START RECORDED INFORMATION

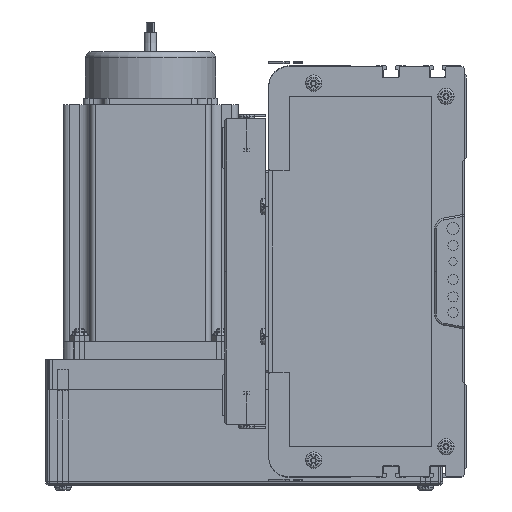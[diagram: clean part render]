
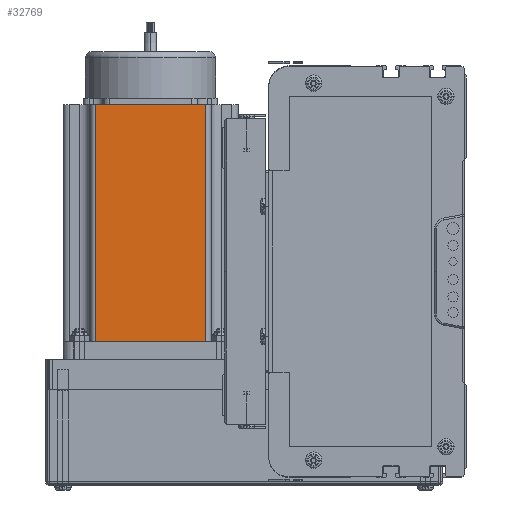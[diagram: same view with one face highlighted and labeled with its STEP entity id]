
A CAD part, left-side view. The second image highlights one B-rep face of the part: STEP entity #32769.
In plain terms, the highlighted planar face has unit normal (-1, 0, 0) as drawn and (0, -1, 0) by its records, which use the part's own axes.
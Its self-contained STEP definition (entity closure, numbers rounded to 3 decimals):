
#19446 = EDGE_CURVE ( 'NONE', #32675, #19448, #83807, .T. ) ;
#19448 = VERTEX_POINT ( 'NONE', #83808 ) ;
#19499 = VERTEX_POINT ( 'NONE', #83903 ) ;
#28596 = DIRECTION ( 'NONE',  ( 1., 0., 0. ) ) ;
#28597 = VECTOR ( 'NONE', #28596, 1000. ) ;
#28598 = CARTESIAN_POINT ( 'NONE',  ( 0., 0., 116.5 ) ) ;
#28599 = LINE ( 'NONE', #28598, #28597 ) ;
#32549 = ORIENTED_EDGE ( 'NONE', *, *, #32822, .T. ) ;
#32596 = ORIENTED_EDGE ( 'NONE', *, *, #32677, .F. ) ;
#32616 = ORIENTED_EDGE ( 'NONE', *, *, #32648, .T. ) ;
#32646 = ORIENTED_EDGE ( 'NONE', *, *, #19446, .T. ) ;
#32648 = EDGE_CURVE ( 'NONE', #19448, #19499, #39452, .T. ) ;
#32675 = VERTEX_POINT ( 'NONE', #39446 ) ;
#32677 = EDGE_CURVE ( 'NONE', #32800, #19499, #28599, .T. ) ;
#32769 = ADVANCED_FACE ( 'NONE', ( #39716 ), #39631, .F. ) ;
#32800 = VERTEX_POINT ( 'NONE', #39643 ) ;
#32822 = EDGE_CURVE ( 'NONE', #32800, #32675, #54349, .T. ) ;
#35489 = EDGE_LOOP ( 'NONE', ( #32646, #32616, #32596, #32549 ) ) ;
#39446 = CARTESIAN_POINT ( 'NONE',  ( 16.16, 0., 0. ) ) ;
#39448 = DIRECTION ( 'NONE',  ( 0., 0., 1. ) ) ;
#39449 = VECTOR ( 'NONE', #39448, 1000. ) ;
#39451 = CARTESIAN_POINT ( 'NONE',  ( 69.74, 0., 116.5 ) ) ;
#39452 = LINE ( 'NONE', #39451, #39449 ) ;
#39631 = PLANE ( 'NONE',  #39708 ) ;
#39639 = CARTESIAN_POINT ( 'NONE',  ( 0., 0., 116.5 ) ) ;
#39643 = CARTESIAN_POINT ( 'NONE',  ( 16.16, 0., 116.5 ) ) ;
#39702 = DIRECTION ( 'NONE',  ( 0., 0., 1. ) ) ;
#39703 = DIRECTION ( 'NONE',  ( 0., 1., 0. ) ) ;
#39708 = AXIS2_PLACEMENT_3D ( 'NONE', #39639, #39703, #39702 ) ;
#39716 = FACE_OUTER_BOUND ( 'NONE', #35489, .T. ) ;
#54340 = DIRECTION ( 'NONE',  ( 0., 0., -1. ) ) ;
#54341 = VECTOR ( 'NONE', #54340, 1000. ) ;
#54347 = CARTESIAN_POINT ( 'NONE',  ( 16.16, 0., 116.5 ) ) ;
#54349 = LINE ( 'NONE', #54347, #54341 ) ;
#83805 = VECTOR ( 'NONE', #83871, 1000. ) ;
#83806 = CARTESIAN_POINT ( 'NONE',  ( 0., 0., 0. ) ) ;
#83807 = LINE ( 'NONE', #83806, #83805 ) ;
#83808 = CARTESIAN_POINT ( 'NONE',  ( 69.74, 0., 0. ) ) ;
#83871 = DIRECTION ( 'NONE',  ( 1., 0., 0. ) ) ;
#83903 = CARTESIAN_POINT ( 'NONE',  ( 69.74, 0., 116.5 ) ) ;

END RECORDED INFORMATION

TASK DESCRIPTION: Only the lines above from the one with "#32675 = VERTEX_POINT ( 'NONE', #39446 ) ;" through the one with "#54341 = VECTOR ( 'NONE', #54340, 1000. ) ;" should be duplicated, character for character.

SOLUTION FOR THIS EXERCISE:
#32675 = VERTEX_POINT ( 'NONE', #39446 ) ;
#32677 = EDGE_CURVE ( 'NONE', #32800, #19499, #28599, .T. ) ;
#32769 = ADVANCED_FACE ( 'NONE', ( #39716 ), #39631, .F. ) ;
#32800 = VERTEX_POINT ( 'NONE', #39643 ) ;
#32822 = EDGE_CURVE ( 'NONE', #32800, #32675, #54349, .T. ) ;
#35489 = EDGE_LOOP ( 'NONE', ( #32646, #32616, #32596, #32549 ) ) ;
#39446 = CARTESIAN_POINT ( 'NONE',  ( 16.16, 0., 0. ) ) ;
#39448 = DIRECTION ( 'NONE',  ( 0., 0., 1. ) ) ;
#39449 = VECTOR ( 'NONE', #39448, 1000. ) ;
#39451 = CARTESIAN_POINT ( 'NONE',  ( 69.74, 0., 116.5 ) ) ;
#39452 = LINE ( 'NONE', #39451, #39449 ) ;
#39631 = PLANE ( 'NONE',  #39708 ) ;
#39639 = CARTESIAN_POINT ( 'NONE',  ( 0., 0., 116.5 ) ) ;
#39643 = CARTESIAN_POINT ( 'NONE',  ( 16.16, 0., 116.5 ) ) ;
#39702 = DIRECTION ( 'NONE',  ( 0., 0., 1. ) ) ;
#39703 = DIRECTION ( 'NONE',  ( 0., 1., 0. ) ) ;
#39708 = AXIS2_PLACEMENT_3D ( 'NONE', #39639, #39703, #39702 ) ;
#39716 = FACE_OUTER_BOUND ( 'NONE', #35489, .T. ) ;
#54340 = DIRECTION ( 'NONE',  ( 0., 0., -1. ) ) ;
#54341 = VECTOR ( 'NONE', #54340, 1000. ) ;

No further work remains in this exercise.